Exercise description —
For the listing below, output exactly the lines from the line with "38), (39, 35)])" up to and including the line with "109)], close=True, dxfattribs=at)", and no other lines.

Dataset records —
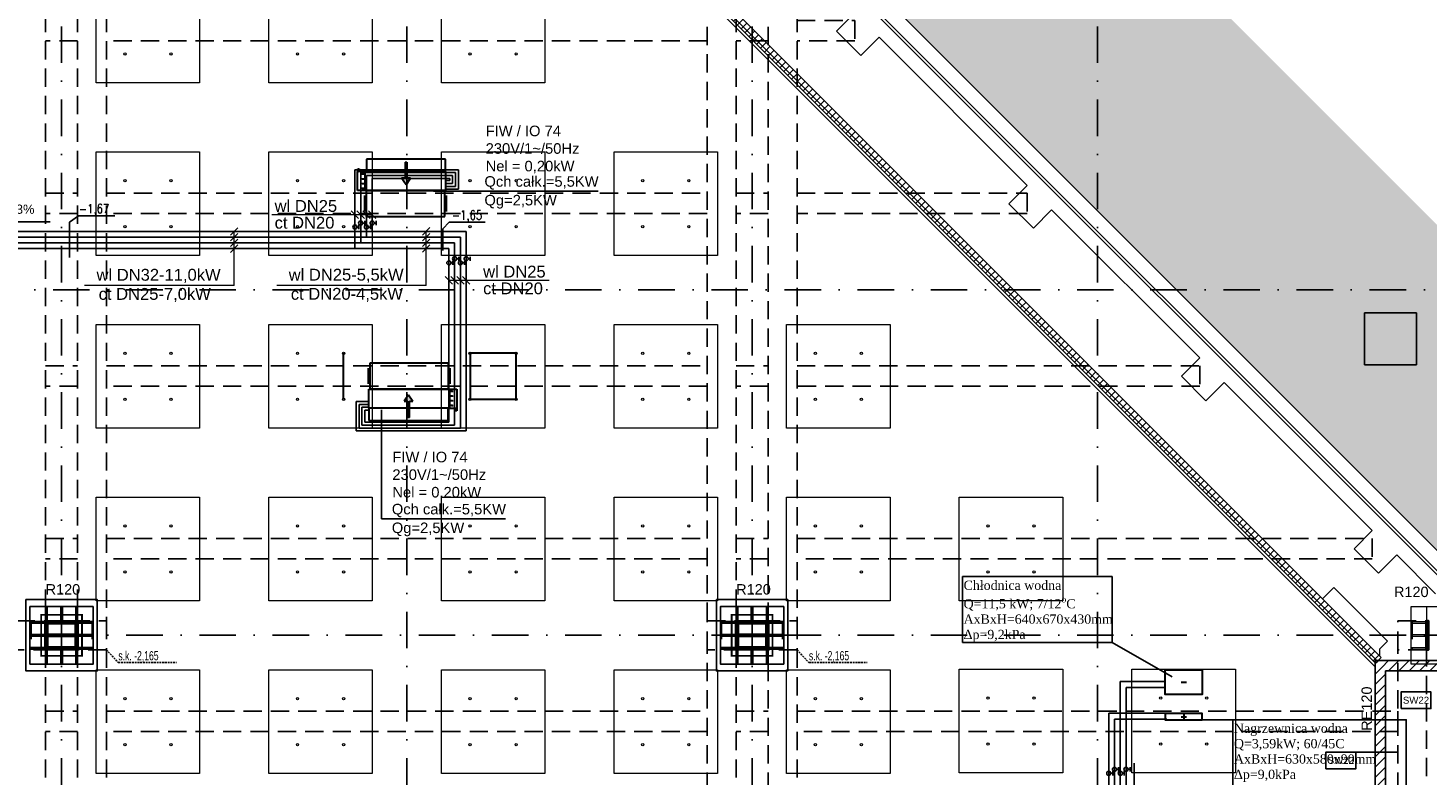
# Model space of a CAD drawing. Header units: centimetres. Extents: x -10702 to 24628, y -4437 to 19798.
# Tile 64 of 92: x 11002 to 13434, y 9556 to 10855. Entities that reach past the tile are written whole.
import ezdxf

# ---------------------------------------------------------------- set-up
doc = ezdxf.new("R2010")
doc.units = ezdxf.units.CM
for name, pattern in [('Kondygnacja  -0_5$0$HIDDEN', [9.525, 6.35, -3.175]), ('Kondygnacja  -0_5$0$HIDDEN2', [4.7625, 3.175, -1.5875]), ('Osie rzutów$0$DASHDOT2', [12.7, 6.35, -3.175, 0, -3.175])]:
    doc.linetypes.add(name, pattern=pattern)
for name, color, linetype in [('bgde_AJ_opis', 7, 'Continuous'), ('bgde_dodatki powykonawcze', 7, 'Continuous'), ('KJP_KK_OPISY MOCY klimakonwektorów', 7, 'Continuous'), ('Kondygnacja  -0_5$0$ARCH_GK', 8, 'Continuous'), ('Kondygnacja  -0_5$0$ARCH_GRUNT', 8, 'Continuous'), ('Kondygnacja  -0_5$0$ARCH_INFO_ODPORNOŚĆ OGNIOWA', 8, 'Continuous'), ('Kondygnacja  -0_5$0$ARCH_INFO_OPISY_PRZEGRODY', 8, 'Continuous'), ('Kondygnacja  -0_5$0$ARCH_KONSTR_POWYŻEJ RZUTU', 8, 'Kondygnacja  -0_5$0$HIDDEN'), ('Kondygnacja  -0_5$0$ARCH_KONSTR_POWYŻEJ RZUTU_IST', 8, 'Kondygnacja  -0_5$0$HIDDEN2'), ('Kondygnacja  -0_5$0$ARCH_KONSTRUKCJA_NIEWIDOCZNA', 8, 'Continuous'), ('Kondygnacja  -0_5$0$ARCH_MUROWANE', 8, 'Continuous'), ('Kondygnacja  -0_5$0$ARCH_MUROWANE_IST', 8, 'Continuous'), ('Kondygnacja  -0_5$0$ARCH_OKŁADZINA', 8, 'Continuous'), ('Kondygnacja  -0_5$0$ARCH_STAL_IST', 8, 'Continuous'), ('Kondygnacja  -0_5$0$ARCH_SŁUPY', 8, 'Continuous'), ('Kondygnacja  -0_5$0$ARCH_ŻELBET_IST', 8, 'Continuous'), ('Osie rzutów$0$ARCH_INFO_OSIE_IST', 8, 'Osie rzutów$0$DASHDOT2'), ('Osie rzutów$0$ARCH_INFO_OSIE_OPISY_IST', 8, 'Continuous')]:
    doc.layers.add(name, color=color, linetype=linetype)
for name, color, linetype, lineweight in [('bgde_opis ct 1', 7, 'Continuous', 20), ('bgde_rzędne wl ct', 7, 'Continuous', 25), ('bgde_urządzenia', 3, 'Continuous', 30), ('KJP_CT_kk_powrót', 30, '04_CT_KOMF_POW', 25), ('KJP_CT_kk_zasil', 30, '04_CT_KOMF_ZAS', 25), ('KJP_WL_kk zasil', 150, '04_WL_KOMF_ZAS', 25), ('KJP_WL_kk_powr', 150, '04_WL_KOMF_POW', 25), ('Kondygnacja  -0_5$0$ARCH_WIDOK', 8, 'Continuous', 13), ('SU Lampy kwadratowe  -05$0$ARCH_SUFITY_PODWIESZANE', 8, 'Continuous', 9)]:
    doc.layers.add(name, color=color, linetype=linetype, lineweight=lineweight)
doc.styles.add('Arial', font='arial.ttf')
doc.styles.add('Kondygnacja  -0_5$0$Arial', font='arial.ttf')
doc.styles.add('Kondygnacja  -0_5$0$BIKTS', font='bikromsw.shx', dxfattribs={"width": 0.8})
doc.styles.add('st rom', font='Romans.shx', dxfattribs={"width": 0.8})
doc.linetypes.add('04_CT_KOMF_POW', pattern='A,100,-15,["CTKp",Standard,S=10,R=0,X=-10,Y=-5],-35', length=150)
doc.linetypes.add('04_CT_KOMF_ZAS', pattern='A,100,-15,["CTKz",Standard,S=10,R=0,X=-10,Y=-5],-35', length=150)
doc.linetypes.add('04_WL_KOMF_POW', pattern='A,100,-15,["WLKp",Standard,S=10,R=0,X=-10,Y=-5],-35', length=150)
doc.linetypes.add('04_WL_KOMF_ZAS', pattern='A,100,-15,["WLKz",Standard,S=10,R=0,X=-10,Y=-5],-35', length=150)
pattern_1 = [(45, (-1133.3117, -3177.9858), (-0.6735192, 0.6735192), [])]

# ---------------------------------------------------------------- blocks, each defined once
blk = doc.blocks.new('Osie rzutów')
at = {"layer": 'Osie rzutów$0$ARCH_INFO_OSIE_IST', "ltscale": 10}
for p, q in [((11060, 12510), (11060, 4623.26)), ((11660, 12510), (11660, 4623.26)), ((12260, 12510), (12260, 4623.26)), ((12860, 12510), (12860, 4623.26)), ((4436.04, 10400), (13655, 10400)), ((11060, 9770), (11060, 9830)), ((12260, 9770), (12260, 9830)), ((4436.04, 9800), (15156.54, 9800)), ((11090, 9800), (11030, 9800)), ((12290, 9800), (12230, 9800)), ((13490, 9800), (13430, 9800))]:
    blk.add_line(p, q, dxfattribs=at)
blk = doc.blocks.new('SU Lampy kwadratowe  -05$0$moduł sufitu')
at = {"layer": 'SU Lampy kwadratowe  -05$0$ARCH_SUFITY_PODWIESZANE'}
for points in [[(60, -60), (240, -60), (240, -240), (60, -240)], [(360, -60), (540, -60), (540, -240), (360, -240)], [(60, -360), (240, -360), (240, -540), (60, -540)], [(360, -360), (540, -360), (540, -540), (360, -540)]]:
    blk.add_lwpolyline(points, close=True, dxfattribs=at)
for centre in [(110, -110), (190, -110), (410, -110), (490, -110), (110, -190), (190, -190), (410, -190), (490, -190), (110, -410), (190, -410), (410, -410), (490, -410), (110, -490), (190, -490), (410, -490), (490, -490)]:
    blk.add_circle(centre, 2, dxfattribs=at)
blk = doc.blocks.new('SU Lampy kwadratowe  -05')
at = {"layer": 'SU Lampy kwadratowe  -05$0$ARCH_SUFITY_PODWIESZANE'}
for points in [[(11720, 10940), (11900, 10940), (11900, 10760), (11720, 10760)], [(11720, 10640), (11900, 10640), (11900, 10460), (11720, 10460)], [(12020, 10640), (12200, 10640), (12200, 10460), (12020, 10460)], [(12320, 10340), (12500, 10340), (12500, 10160), (12320, 10160)], [(12320, 10040), (12500, 10040), (12500, 9860), (12320, 9860)], [(12620, 10040), (12800, 10040), (12800, 9860), (12620, 9860)], [(12320, 9740), (12500, 9740), (12500, 9560), (12320, 9560)], [(12620, 9741), (12800, 9741), (12800, 9561), (12620, 9561)], [(12920, 9741), (13100, 9741), (13100, 9561), (12920, 9561)]]:
    blk.add_lwpolyline(points, close=True, dxfattribs=at)
for centre in [(11770, 10810), (11850, 10810), (11770, 10590), (11850, 10590), (12070, 10590), (12150, 10590), (11770, 10510), (11850, 10510), (12070, 10510), (12150, 10510), (12370, 10290), (12450, 10290), (12370, 10210), (12450, 10210), (12370, 9990), (12450, 9990), (12670, 9990), (12750, 9990), (12370, 9910), (12450, 9910), (12670, 9910), (12750, 9910), (12370, 9690), (12450, 9690), (12670, 9691), (12750, 9691), (12970, 9691), (13050, 9691), (12370, 9610), (12450, 9610), (12670, 9611), (12750, 9611), (12970, 9611), (13050, 9611)]:
    blk.add_circle(centre, 2, dxfattribs=at)
for p in [(11060, 11000), (11060, 10400), (11660, 10400), (11060, 9800), (11660, 9800)]:
    blk.add_blockref('SU Lampy kwadratowe  -05$0$moduł sufitu', p, dxfattribs=at)
blk = doc.blocks.new('Kondygnacja  -0_5$0$słup_kwadrat')
at = {"layer": 'Kondygnacja  -0_5$0$ARCH_SŁUPY', "lineweight": 40}
h = blk.add_hatch(dxfattribs=at)
h.set_pattern_fill('ANSI31', color=256, scale=0.3, style=0)
h.set_pattern_definition(pattern_1)
h.paths.add_polyline_path([(36, 34), (39, 34), (39, 84), (36, 84)])
h = blk.add_hatch(dxfattribs=at)
h.set_pattern_fill('ANSI31', color=256, scale=0.3, style=0)
h.set_pattern_definition(pattern_1)
h.paths.add_polyline_path([(89, 80), (89, 83), (39, 83), (39, 80)])
h = blk.add_hatch(dxfattribs=at)
h.set_pattern_fill('ANSI31', color=256, scale=0.3, style=0)
h.set_pattern_definition(pattern_1)
h.paths.add_polyline_path([(89, 34), (92, 34), (92, 84), (89, 84)])
h = blk.add_hatch(dxfattribs=at)
h.set_pattern_fill('ANSI31', color=256, scale=0.3, style=0)
h.set_pattern_definition(pattern_1)
h.paths.add_polyline_path([(89, 57.5), (89, 60.5), (39, 60.5), (39, 57.5)])
h = blk.add_hatch(dxfattribs=at)
h.set_pattern_fill('ANSI31', color=256, scale=0.3, style=0)
h.set_pattern_definition(pattern_1)
h.paths.add_polyline_path([(89, 35), (89, 38), (39, 38), (39, 35)])
at = {"layer": 'Kondygnacja  -0_5$0$ARCH_KONSTRUKCJA_NIEWIDOCZNA'}
blk.add_lwpolyline([(119, 109), (119, 9), (9, 9), (9, 109)], close=True, dxfattribs=at)
for points in [[(36, 109), (36, 84)], [(39, 109), (39, 84)], [(62.5, 109), (62.5, 83)], [(65.5, 109), (65.5, 83)], [(89, 109), (89, 84)], [(92, 109), (92, 84)], [(9, 83), (36, 83)], [(9, 80), (36, 80)], [(92, 83), (119, 83)], [(92, 80), (119, 80)], [(9, 60.5), (36, 60.5)], [(9, 57.5), (36, 57.5)], [(92, 60.5), (119, 60.5)], [(92, 57.5), (119, 57.5)], [(9, 38), (36, 38)], [(9, 35), (36, 35)], [(36, 34), (36, 9)], [(39, 34), (39, 9)], [(62.5, 35), (62.5, 9)], [(65.5, 35), (65.5, 9)], [(89, 34), (89, 9)], [(92, 38), (119, 38)], [(92, 35), (119, 35)], [(92, 34), (92, 9)]]:
    blk.add_lwpolyline(points, dxfattribs=at)
at = {"layer": 'Kondygnacja  -0_5$0$ARCH_OKŁADZINA'}
blk.add_lwpolyline([(2, 121), (126, 121), (126, -3), (2, -3)], close=True, dxfattribs=at)
at = {"layer": 'Kondygnacja  -0_5$0$ARCH_SŁUPY', "lineweight": 40}
for p, q in [((39, 60.5), (89, 60.5)), ((89, 57.5), (39, 57.5))]:
    blk.add_line(p, q, dxfattribs=at)
at = {"layer": 'Kondygnacja  -0_5$0$ARCH_SŁUPY', "lineweight": 50, "const_width": 3}
blk.add_lwpolyline([(28.5, 94.5), (99.5, 94.5), (99.5, 23.5), (28.5, 23.5)], close=True, dxfattribs=at)
at = {"layer": 'Kondygnacja  -0_5$0$ARCH_SŁUPY', "lineweight": 40}
for points in [[(36, 84), (39, 84), (39, 34), (36, 34)], [(89, 84), (92, 84), (92, 34), (89, 34)]]:
    blk.add_lwpolyline(points, close=True, dxfattribs=at)
for points in [[(89, 83), (39, 83)], [(39, 80), (89, 80)], [(89, 38), (39, 38)], [(39, 35), (89, 35)]]:
    blk.add_lwpolyline(points, dxfattribs=at)
blk = doc.blocks.new('Kondygnacja  -0_5$0$konstrukcja istniejąca -0.5')
at = {"layer": 'Kondygnacja  -0_5$0$ARCH_KONSTR_POWYŻEJ RZUTU_IST', "ltscale": 10}
for p, q in [((13382, 9825), (13432, 9825)), ((13382, 9775), (13382, 9825)), ((13432, 9775), (13382, 9775))]:
    blk.add_line(p, q, dxfattribs=at)
for points in [[(11032, 10975), (11032, 9825)], [(11088, 10975), (11088, 9825)], [(11138, 10975), (11138, 9825)], [(12182, 9825), (12182, 10975)], [(12232, 10975), (12232, 9825)], [(12288, 9825), (12288, 10975)], [(12338, 10975), (12338, 9825)], [(11032, 10567.9), (11088, 10567.9)], [(11138, 10567.9), (12182, 10567.9)], [(12232, 10567.9), (12288, 10567.9)], [(12338, 10567.9), (12738.1, 10567.9), (12738.1, 10532.9), (12338, 10532.9)], [(11088, 10532.9), (11032, 10532.9)], [(12182, 10532.9), (11138, 10532.9)], [(12288, 10532.9), (12232, 10532.9)], [(11032, 10267.9), (11088, 10267.9)], [(11138, 10267.9), (12182, 10267.9)], [(12232, 10267.9), (12288, 10267.9)], [(12338, 10267.9), (13037.9, 10267.9), (13037.9, 10232.9), (12338, 10232.9)], [(11088, 10232.9), (11032, 10232.9)], [(12182, 10232.9), (11138, 10232.9)], [(12288, 10232.9), (12232, 10232.9)], [(11032, 9967.9), (11088, 9967.9)], [(11138, 9967.9), (12182, 9967.9)], [(12232, 9967.9), (12288, 9967.9)], [(12338, 9967.9), (13337.7, 9967.9), (13337.7, 9932.9), (12338, 9932.9)], [(11088, 9932.9), (11032, 9932.9)], [(12182, 9932.9), (11138, 9932.9)], [(12288, 9932.9), (12232, 9932.9)], [(11138, 9775), (10982, 9775), (10982, 9825), (11138, 9825), (11138, 9775)], [(12338, 9775), (12182, 9775), (12182, 9825), (12338, 9825), (12338, 9775)], [(13432, 9825), (13432, 4975), (13382, 4975)], [(13407, 9825), (13407, 9775)], [(11032, 9775), (11032, 8625)], [(11088, 9775), (11088, 8625)], [(11138, 9775), (11138, 8625)], [(12182, 8625), (12182, 9775)], [(12232, 9775), (12232, 8625)], [(12288, 8625), (12288, 9775)], [(12338, 9775), (12338, 8625)], [(13382, 8625), (13382, 9775)]]:
    blk.add_lwpolyline(points, dxfattribs=at)
at = {"layer": 'Kondygnacja  -0_5$0$ARCH_KONSTR_POWYŻEJ RZUTU_IST', "ltscale": 10, "elevation": 0}
for points in [[(12338, 10867.9), (12438.3, 10867.9), (12438.3, 10832.9), (12338, 10832.9)], [(11088, 10832.9), (11032, 10832.9)], [(12182, 10832.9), (11138, 10832.9)], [(12288, 10832.9), (12232, 10832.9)], [(11007, 9825), (11007, 9775)], [(11113, 9825), (11113, 9775)], [(12207, 9825), (12207, 9775)], [(12313, 9825), (12313, 9775)], [(11032, 9667.9), (11088, 9667.9)], [(11138, 9667.9), (12182, 9667.9)], [(12232, 9667.9), (12288, 9667.9)], [(12338, 9667.9), (13382, 9667.9), (13382, 9632.9), (12338, 9632.9)], [(11088, 9632.9), (11032, 9632.9)], [(12182, 9632.9), (11138, 9632.9)], [(12288, 9632.9), (12232, 9632.9)]]:
    blk.add_lwpolyline(points, dxfattribs=at)
at = {"layer": 'Kondygnacja  -0_5$0$ARCH_KONSTR_POWYŻEJ RZUTU_IST'}
for points in [[(11138, 9775), (11158.7, 9752.5), (11259.8, 9752.5)], [(12338, 9775), (12358.7, 9752.5), (12459.8, 9752.5)]]:
    blk.add_lwpolyline(points, dxfattribs=at)
at = {"layer": 'Kondygnacja  -0_5$0$ARCH_KONSTR_POWYŻEJ RZUTU_IST', "style": 'Kondygnacja  -0_5$0$BIKTS', "width": 0.7}
for p in [(11158.7, 9756.5), (12358.7, 9756.5)]:
    blk.add_text('s.k. -2,165', height=16, dxfattribs=at).set_placement(p)

msp = doc.modelspace()

# ---------------------------------------------------------------- hatches: boundary and pattern name
at = {"layer": 'bgde_urządzenia'}
h = msp.add_hatch(color=256, dxfattribs=at)
h.paths.add_polyline_path([(11657.051, 10605.516), (11660.051, 10605.516), (11660.051, 10593.85), (11666.241, 10593.85), (11658.551, 10582.422), (11650.861, 10593.85), (11657.051, 10593.85)])
h.paths.add_polyline_path([(11657.051, 10622.183), (11660.051, 10622.183), (11660.051, 10605.516), (11657.051, 10605.516)])
h = msp.add_hatch(color=256, dxfattribs=at)
h.paths.add_polyline_path([(11664.508, 10194.803), (11661.508, 10194.803), (11661.508, 10206.468), (11655.318, 10206.468), (11663.008, 10217.896), (11670.698, 10206.468), (11664.508, 10206.468)])
h.paths.add_polyline_path([(11664.508, 10178.135), (11661.508, 10178.135), (11661.508, 10194.803), (11664.508, 10194.803)])
at = {"layer": 'Kondygnacja  -0_5$0$ARCH_GK', "linetype": 'Continuous', "lineweight": -3}
h = msp.add_hatch(dxfattribs=at)
h.set_pattern_fill('ANSI37', color=256, scale=3, angle=-360, style=0)
h.paths.add_polyline_path([(11139.584, 11975), (11133.785, 11961), (13343.24, 9751.545), (13353.139, 9761.445)], flags=0)
at = {"layer": 'Kondygnacja  -0_5$0$ARCH_GRUNT', "linetype": 'Continuous', "lineweight": 5}
h = msp.add_hatch(dxfattribs=at)
h.set_pattern_fill('EARTH', color=256, scale=15, angle=45, style=0)
h.paths.add_polyline_path([(1133.967, 11046.454), (2362.513, 12275), (4925, 12275), (4925, 14755), (7550.104, 14755), (8720.104, 13585), (9935, 13585), (9935, 12742), (10195, 12742), (10195, 12464.645), (10065.178, 12334.822), (10020.355, 12290), (11107.426, 12290), (13507.426, 9890), (14135, 9890), (14135, 8825), (14045, 8825), (14045, 8794.645), (13865.355, 8615), (13550, 8615), (13550, 8506), (14915, 8507.069), (14915, 8955.706), (14915, 9408.893), (14535, 9611.265), (14535, 10290), (13673.112, 10290), (11273.112, 12690), (10595, 12690), (10595, 13102), (10335, 13102), (10335, 13985), (8885.79, 13985), (7715.79, 15155), (4525, 15155), (4525, 12675), (2196.827, 12675), (851.124, 11329.297)])
at = {"layer": 'Kondygnacja  -0_5$0$ARCH_MUROWANE', "linetype": 'Continuous', "lineweight": -3}
h = msp.add_hatch(dxfattribs=at)
h.set_pattern_fill('ANSI31', color=256, scale=4, style=0)
h.paths.add_polyline_path([(13342.695, 9510), (13360.695, 9528), (13360.695, 9738), (13342.695, 9756)], flags=0)
h = msp.add_hatch(dxfattribs=at)
h.set_pattern_fill('ANSI31', color=256, scale=4, style=0)
h.paths.add_polyline_path([(13342.695, 9756), (13360.695, 9738), (13522, 9738), (13504, 9756)], flags=0)
at = {"layer": 'Kondygnacja  -0_5$0$ARCH_SŁUPY', "lineweight": 40}
h = msp.add_hatch(dxfattribs=at)
h.set_pattern_fill('ANSI31', color=256, scale=0.3, style=0)
h.set_pattern_definition([(45, (12262.6883, 6563.0142), (-0.6735192, 0.6735192), [])])
h.paths.add_polyline_path([(13432, 9775), (13435, 9775), (13435, 9825), (13432, 9825)])

# ---------------------------------------------------------------- linework, layer by layer
at = {"layer": 'bgde_AJ_opis'}
for p, q in [((12885.591, 9787.662), (12989.735, 9727.547)), ((13095.428, 9653.378), (13032.69, 9653.378))]:
    msp.add_line(p, q, dxfattribs=at)
for points in [[(12625.617, 9901.838), (12885.591, 9901.838), (12885.591, 9787.662), (12625.617, 9787.662)], [(13095.428, 9653.378), (13396.73, 9653.378), (13396.73, 9532.731), (13095.428, 9532.731)]]:
    msp.add_lwpolyline(points, close=True, dxfattribs=at)
at = {"layer": 'bgde_dodatki powykonawcze'}
for p, q in [((11576.807, 10505.477), (11576.807, 10512.795)), ((11583.367, 10516.126), (11586.799, 10516.126)), ((11586.799, 10512.467), (11586.799, 10519.785)), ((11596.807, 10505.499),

Solution to the exercise —
h.paths.add_polyline_path([(89, 35), (89, 38), (39, 38), (39, 35)])
at = {"layer": 'Kondygnacja  -0_5$0$ARCH_KONSTRUKCJA_NIEWIDOCZNA'}
blk.add_lwpolyline([(119, 109), (119, 9), (9, 9), (9, 109)], close=True, dxfattribs=at)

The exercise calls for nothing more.